---------- AVAILABLE DATA ----------

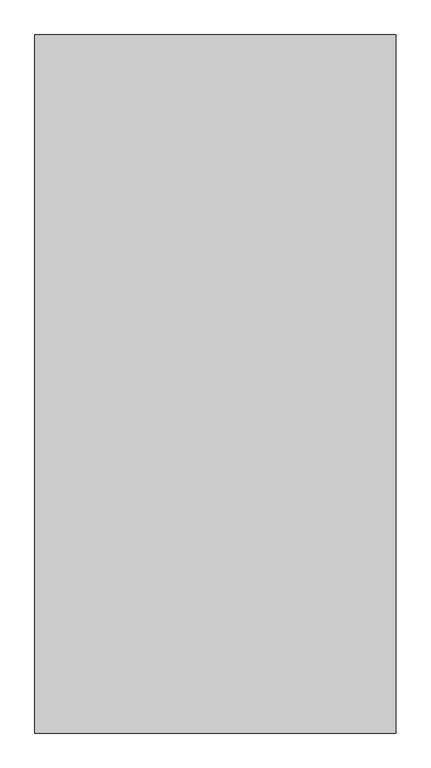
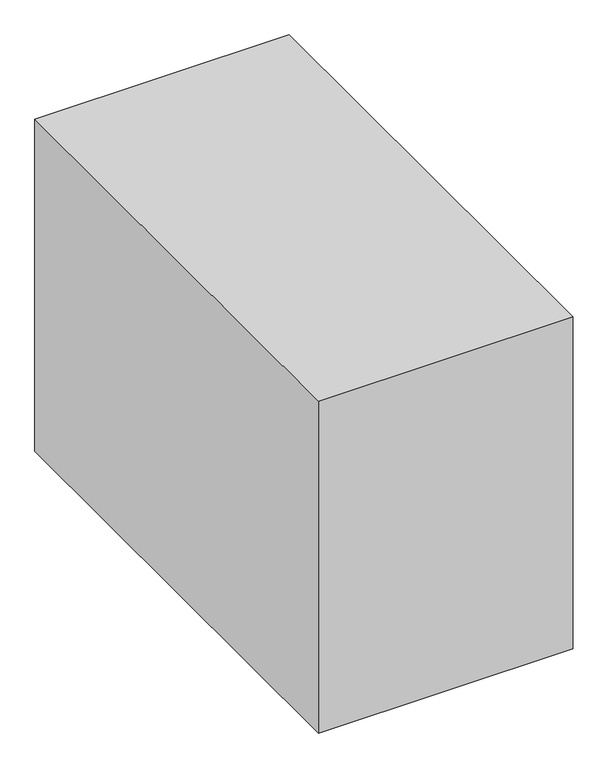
"""IFC4 building model written with IfcOpenShell, lengths in millimetres: furniture geometry, BIMHealth-Couch_Examination-LOD2A-v1 : BIMHealth-Couch_Examination-LOD2A-v1."""

from ifc_helpers import new_model, si_unit, point, frame, frame_2d, origin, origin_with_axes, place, context, project, spatial, polyline, circle_curve, trimmed, segment, composite_curve, outline, extrude, faceted_brep, source, transform, mapped, element, save


def furniture_500cdc3c(model_context):
    return source(origin(), model_context, "Body", "SolidModel", [
        extrude(outline(polyline([(60.0220189, -32.8869719), (60.0220189, -13.1946642), (67.536442, -13.1946642), (71.2167304, -13.7739911), (73.3898073, -15.5552411), (74.175865, -18.0744719), (73.5148073, -20.3749527), (71.5172112, -22.1177411), (73.942692, -23.9542796), (74.7912496, -27.0167796), (74.2119227, -29.6634142), (72.7768266, -31.5480296), (70.6349996, -32.5480296), (67.4787496, -32.8869719), (60.0220189, -32.8869719)]), holes=[polyline([(62.4835573, -21.1946642), (66.9787496, -21.1946642), (69.6037496, -20.9831257), (71.1830766, -20.0720681), (71.7143266, -18.4687027), (71.2191343, -16.8629334), (69.800865, -15.9134142), (66.6374035, -15.6562027), (62.4835573, -15.6562027), (62.4835573, -21.1946642)]), polyline([(62.4835573, -30.4254334), (67.5316343, -30.4254334), (69.3585573, -30.3292796), (70.9042304, -29.7932219), (72.3297112, -27.0408181), (71.8585573, -25.1273565), (70.332115, -23.9855296), (67.2912496, -23.6562027), (62.4835573, -23.6562027), (62.4835573, -30.4254334)])]), frame((0.0, 0.0, 765.0), z_axis=(0.0, 0.0, 1.0), x_axis=(1.0, 0.0, 0.0)), (0.0, 0.0, 1.0), 2.0),
        extrude(outline(polyline([(78.4835573, -32.8869719), (78.4835573, -13.1946642), (80.9450958, -13.1946642), (80.9450958, -32.8869719), (78.4835573, -32.8869719)])), frame((0.0, 0.0, 765.0), z_axis=(0.0, 0.0, 1.0), x_axis=(1.0, 0.0, 0.0)), (0.0, 0.0, 1.0), 2.0),
        extrude(outline(polyline([(85.8681727, -32.8869719), (85.8681727, -13.1946642), (90.0893266, -13.1946642), (94.1277881, -27.0744719), (94.9450958, -29.9735104), (95.8249035, -26.8340873), (99.786442, -13.1946642), (104.0220189, -13.1946642), (104.0220189, -32.8869719), (101.5604804, -32.8869719), (101.5604804, -15.6562027), (96.613365, -32.8869719), (93.2816343, -32.8869719), (88.3297112, -15.6562027), (88.3297112, -32.8869719), (85.8681727, -32.8869719)])), frame((0.0, 0.0, 765.0), z_axis=(0.0, 0.0, 1.0), x_axis=(1.0, 0.0, 0.0)), (0.0, 0.0, 1.0), 2.0),
        extrude(outline(polyline([(108.3297112, -32.8869719), (108.3297112, -13.1946642), (110.7912496, -13.1946642), (110.7912496, -21.1946642), (121.2527881, -21.1946642), (121.2527881, -13.1946642), (123.7143266, -13.1946642), (123.7143266, -32.8869719), (121.2527881, -32.8869719), (121.2527881, -23.6562027), (110.7912496, -23.6562027), (110.7912496, -32.8869719), (108.3297112, -32.8869719)])), frame((0.0, 0.0, 765.0), z_axis=(0.0, 0.0, 1.0), x_axis=(1.0, 0.0, 0.0)), (0.0, 0.0, 1.0), 2.0),
        extrude(outline(polyline([(137.8393266, -28.5792796), (140.2527881, -28.8869719), (137.9955766, -32.0648565), (133.7912496, -33.1946642), (128.6806727, -31.245145), (126.7912496, -25.776395), (128.6999035, -20.1273565), (133.6518266, -18.1177411), (138.4619227, -20.1225488), (140.3297112, -25.7619719), (129.2527881, -26.4254334), (130.6686535, -29.6225488), (133.8393266, -30.7331257), (136.2527881, -30.2187027), (137.8393266, -28.5792796)]), holes=[polyline([(129.2527881, -23.963895), (137.8681727, -23.963895), (136.8825958, -21.7331257), (133.6422112, -20.5792796), (130.6109612, -21.4999527), (129.2527881, -23.963895)])]), frame((0.0, 0.0, 765.0), z_axis=(0.0, 0.0, 1.0), x_axis=(1.0, 0.0, 0.0)), (0.0, 0.0, 1.0), 2.0),
        extrude(outline(polyline([(152.0220189, -31.0408181), (149.6349996, -32.7090873), (146.9979804, -33.1946642), (143.4234612, -32.026395), (142.175865, -29.0408181), (142.6470189, -27.0937027), (143.8849996, -25.6802411), (145.6085573, -24.8725488), (147.738365, -24.5023565), (152.0075958, -23.6562027), (151.3441343, -21.2908181), (148.6229804, -20.5792796), (146.1325958, -21.0528373), (144.9450958, -22.7331257), (142.4835573, -22.4254334), (143.5484612, -20.0215873), (145.692692, -18.6129334), (148.9402881, -18.1177411), (151.9234612, -18.5552411), (153.6085573, -19.6537988), (154.363365, -21.3244719), (154.4835573, -23.4783181), (154.4835573, -26.5408181), (154.6085573, -30.8172604), (155.098942, -32.8869719), (152.6374035, -32.8869719), (152.0220189, -31.0408181)]), holes=[polyline([(152.0148073, -26.4662988), (148.050865, -26.8725488), (145.9330766, -27.2715873), (147.5220189, -30.7331257), (150.0124035, -30.1441834), (151.6181727, -28.7187027), (152.0148073, -26.4662988)])]), frame((0.0, 0.0, 765.0), z_axis=(0.0, 0.0, 1.0), x_axis=(1.0, 0.0, 0.0)), (0.0, 0.0, 1.0), 2.0),
        extrude(outline(polyline([(157.8681727, -32.8869719), (157.8681727, -13.1946642), (160.3297112, -13.1946642), (160.3297112, -32.8869719), (157.8681727, -32.8869719)])), frame((0.0, 0.0, 765.0), z_axis=(0.0, 0.0, 1.0), x_axis=(1.0, 0.0, 0.0)), (0.0, 0.0, 1.0), 2.0),
        extrude(outline(polyline([(168.0220189, -29.8412988), (169.5604804, -32.9590873), (167.7191343, -33.1946642), (165.6566343, -32.7860104), (164.3297112, -28.9206257), (164.3297112, -20.8869719), (162.4835573, -20.8869719), (162.4835573, -18.4254334), (164.3297112, -18.4254334), (164.3297112, -14.9110104), (166.7912496, -13.463895), (166.7912496, -18.4254334), (169.2527881, -18.4254334), (169.2527881, -20.8869719), (166.7912496, -20.8869719), (168.0220189, -29.8412988)])), frame((0.0, 0.0, 765.0), z_axis=(0.0, 0.0, 1.0), x_axis=(1.0, 0.0, 0.0)), (0.0, 0.0, 1.0), 2.0),
        extrude(outline(polyline([(171.7143266, -32.8869719), (171.7143266, -13.1946642), (174.175865, -13.1946642), (174.175865, -20.4350488), (178.4595189, -18.1177411), (181.223942, -18.7499527), (182.9018266, -20.4975488), (183.4066343, -23.7331257), (183.4066343, -32.8869719), (180.9450958, -32.8869719), (180.9450958, -23.9879334), (180.161442, -21.3917796), (177.9402881, -20.5792796), (175.9234612, -21.1273565), (174.5773073, -22.6129334), (174.175865, -25.2042796), (174.175865, -32.8869719), (171.7143266, -32.8869719)])), frame((0.0, 0.0, 765.0), z_axis=(0.0, 0.0, 1.0), x_axis=(1.0, 0.0, 0.0)), (0.0, 0.0, 1.0), 2.0),
        faceted_brep([(0.0, 0.0, 0.0), (50.0, 0.0, 0.0), (50.0, -50.0, 0.0), (0.0, -50.0, 0.0), (0.0, 0.0, 700.0), (650.0, 0.0, 700.0), (650.0, 0.0, 0.0), (600.0, 0.0, 0.0), (600.0, 0.0, 125.0), (50.0, 0.0, 125.0), (600.0, 0.0, 650.0), (50.0, 0.0, 650.0), (50.0, 0.0, 175.0), (600.0, 0.0, 175.0), (50.0, -50.0, 125.0), (50.0, -50.0, 650.0), (50.0, -50.0, 175.0), (600.0, -50.0, 125.0), (600.0, -50.0, 0.0), (650.0, -50.0, 0.0), (650.0, -50.0, 650.0), (600.0, -50.0, 650.0), (600.0, -50.0, 175.0), (0.0, -50.0, 650.0), (310.0, -50.0, 165.0), (340.0, -50.0, 165.0), (340.0, -50.0, 135.0), (310.0, -50.0, 135.0), (0.0, -1850.0, 650.0), (0.0, -1850.0, 0.0), (0.0, -1900.0, 0.0), (0.0, -1900.0, 700.0), (650.0, -1900.0, 700.0), (50.0, -50.0, 700.0), (600.0, -50.0, 700.0), (600.0, -1850.0, 700.0), (50.0, -1850.0, 700.0), (50.0, -1850.0, 650.0), (600.0, -1850.0, 650.0), (600.0, -1900.0, 650.0), (50.0, -1900.0, 650.0), (650.0, -1850.0, 650.0), (650.0, -1900.0, 0.0), (650.0, -1850.0, 0.0), (50.0, -1900.0, 0.0), (50.0, -1900.0, 125.0), (600.0, -1900.0, 125.0), (600.0, -1900.0, 0.0), (600.0, -1900.0, 175.0), (50.0, -1900.0, 175.0), (310.0, -1850.0, 165.0), (340.0, -1850.0, 165.0), (340.0, -1850.0, 135.0), (310.0, -1850.0, 135.0), (600.0, -1850.0, 175.0), (50.0, -1850.0, 175.0), (50.0, -1850.0, 125.0), (600.0, -1850.0, 125.0), (600.0, -1850.0, 0.0), (50.0, -1850.0, 0.0)], [[[0, 1, 2, 3]], [[1, 0, 4, 5, 6, 7, 8, 9], [10, 11, 12, 13]], [[2, 1, 9, 14]], [[11, 15, 16, 12]], [[3, 2, 14, 17, 18, 19, 20, 21, 22, 16, 15, 23], [24, 25, 26, 27]], [[0, 3, 23, 28, 29, 30, 31, 4]], [[4, 31, 32, 5], [33, 34, 35, 36]], [[15, 37, 28, 23]], [[37, 38, 39, 40]], [[38, 21, 20, 41]], [[21, 15, 11, 10]], [[5, 32, 42, 43, 41, 20, 19, 6]], [[32, 31, 30, 44, 45, 46, 47, 42], [48, 49, 40, 39]], [[34, 33, 15, 21]], [[35, 34, 21, 38]], [[36, 35, 38, 37]], [[33, 36, 37, 15]], [[7, 6, 19, 18]], [[21, 10, 13, 22]], [[7, 18, 17, 8]], [[16, 22, 13, 12]], [[9, 8, 17, 14]], [[24, 50, 51, 25]], [[26, 52, 53, 27]], [[25, 51, 52, 26]], [[50, 24, 27, 53]], [[49, 48, 54, 55]], [[56, 57, 46, 45]], [[55, 54, 38, 41, 43, 58, 57, 56, 59, 29, 28, 37], [51, 50, 53, 52]], [[58, 43, 42, 47]], [[48, 39, 38, 54]], [[58, 47, 46, 57]], [[29, 59, 44, 30]], [[40, 49, 55, 37]], [[44, 59, 56, 45]]]),
        extrude(outline(composite_curve([segment(trimmed(circle_curve(frame_2d((600.0, -50.0)), 50.0), [point((600.0, 0.0))], [point((650.0, -50.0))], False, "CARTESIAN"), True, "CONTINUOUS"), segment(polyline([(650.0, -50.0), (650.0, -640.0)]), True, "CONTINUOUS"), segment(trimmed(circle_curve(frame_2d((600.0, -640.0)), 50.0), [point((650.0, -640.0))], [point((600.0, -690.0))], False, "CARTESIAN"), True, "CONTINUOUS"), segment(polyline([(600.0, -690.0), (50.0, -690.0)]), True, "CONTINUOUS"), segment(trimmed(circle_curve(frame_2d((50.0, -640.0)), 50.0), [point((50.0, -690.0))], [point((0.0, -640.0))], False, "CARTESIAN"), True, "CONTINUOUS"), segment(polyline([(0.0, -640.0), (0.0, -50.0)]), True, "CONTINUOUS"), segment(trimmed(circle_curve(frame_2d((50.0, -50.0)), 50.0), [point((0.0, -50.0))], [point((50.0, 0.0))], False, "CARTESIAN"), True, "CONTINUOUS"), segment(polyline([(50.0, 0.0), (600.0, 0.0)]), True, "CONTINUOUS")], self_intersect=False)), frame((0.0, 0.0, 700.0), z_axis=(0.0, 0.0, 1.0), x_axis=(1.0, 0.0, 0.0)), (0.0, 0.0, 1.0), 65.0),
        extrude(outline(composite_curve([segment(trimmed(circle_curve(frame_2d((600.0, -750.0)), 50.0), [point((600.0, -700.0))], [point((650.0, -750.0))], False, "CARTESIAN"), True, "CONTINUOUS"), segment(polyline([(650.0, -750.0), (650.0, -1850.0)]), True, "CONTINUOUS"), segment(trimmed(circle_curve(frame_2d((600.0, -1850.0)), 50.0), [point((650.0, -1850.0))], [point((600.0, -1900.0))], False, "CARTESIAN"), True, "CONTINUOUS"), segment(polyline([(600.0, -1900.0), (50.0, -1900.0)]), True, "CONTINUOUS"), segment(trimmed(circle_curve(frame_2d((50.0, -1850.0)), 50.0), [point((50.0, -1900.0))], [point((0.0, -1850.0))], False, "CARTESIAN"), True, "CONTINUOUS"), segment(polyline([(0.0, -1850.0), (0.0, -750.0)]), True, "CONTINUOUS"), segment(trimmed(circle_curve(frame_2d((50.0, -750.0)), 50.0), [point((0.0, -750.0))], [point((50.0, -700.0))], False, "CARTESIAN"), True, "CONTINUOUS"), segment(polyline([(50.0, -700.0), (600.0, -700.0)]), True, "CONTINUOUS")], self_intersect=False)), frame((0.0, 0.0, 700.0), z_axis=(0.0, 0.0, 1.0), x_axis=(1.0, 0.0, 0.0)), (0.0, 0.0, 1.0), 65.0),
        extrude(outline(polyline([(650.0, 100.0), (650.0, -2700.0), (-800.0, -2700.0), (-800.0, 100.0), (650.0, 100.0)])), origin_with_axes(), (0.0, 0.0, 1.0), 2000.0),
    ])


if __name__ == "__main__":
    model = new_model("IFC4")
    model_context = context("Model", 3, world=origin())
    ifc_project = project(units=[si_unit("LENGTHUNIT", "METRE", prefix="MILLI")], contexts=[model_context])
    site = spatial("IfcSite", under=ifc_project)
    building = spatial("IfcBuilding", under=site)
    placement = place(None, origin())
    furniture_shape = furniture_500cdc3c(model_context)
    element("IfcFurniture", 1, ObjectType="BIMHealth-Couch_Examination-LOD2A-v1 : BIMHealth-Couch_Examination-LOD2A-v1", at=placement, inside=building, context=model_context, shape_type="MappedRepresentation", body=[
        mapped(furniture_shape, transform((0.0, 0.0, 0.0), x_axis=(1.0, 0.0, 0.0), y_axis=(0.0, 1.0, 0.0), z_axis=(0.0, 0.0, 1.0))),
    ])
    save(model, "model.ifc")

----------

Beginning with the line that contains "placement = place(None, origin())", restate word for word each line through the last one in the data, and write nothing more.

§ TASK RESULT
    placement = place(None, origin())
    furniture_shape = furniture_500cdc3c(model_context)
    element("IfcFurniture", 1, ObjectType="BIMHealth-Couch_Examination-LOD2A-v1 : BIMHealth-Couch_Examination-LOD2A-v1", at=placement, inside=building, context=model_context, shape_type="MappedRepresentation", body=[
        mapped(furniture_shape, transform((0.0, 0.0, 0.0), x_axis=(1.0, 0.0, 0.0), y_axis=(0.0, 1.0, 0.0), z_axis=(0.0, 0.0, 1.0))),
    ])
    save(model, "model.ifc")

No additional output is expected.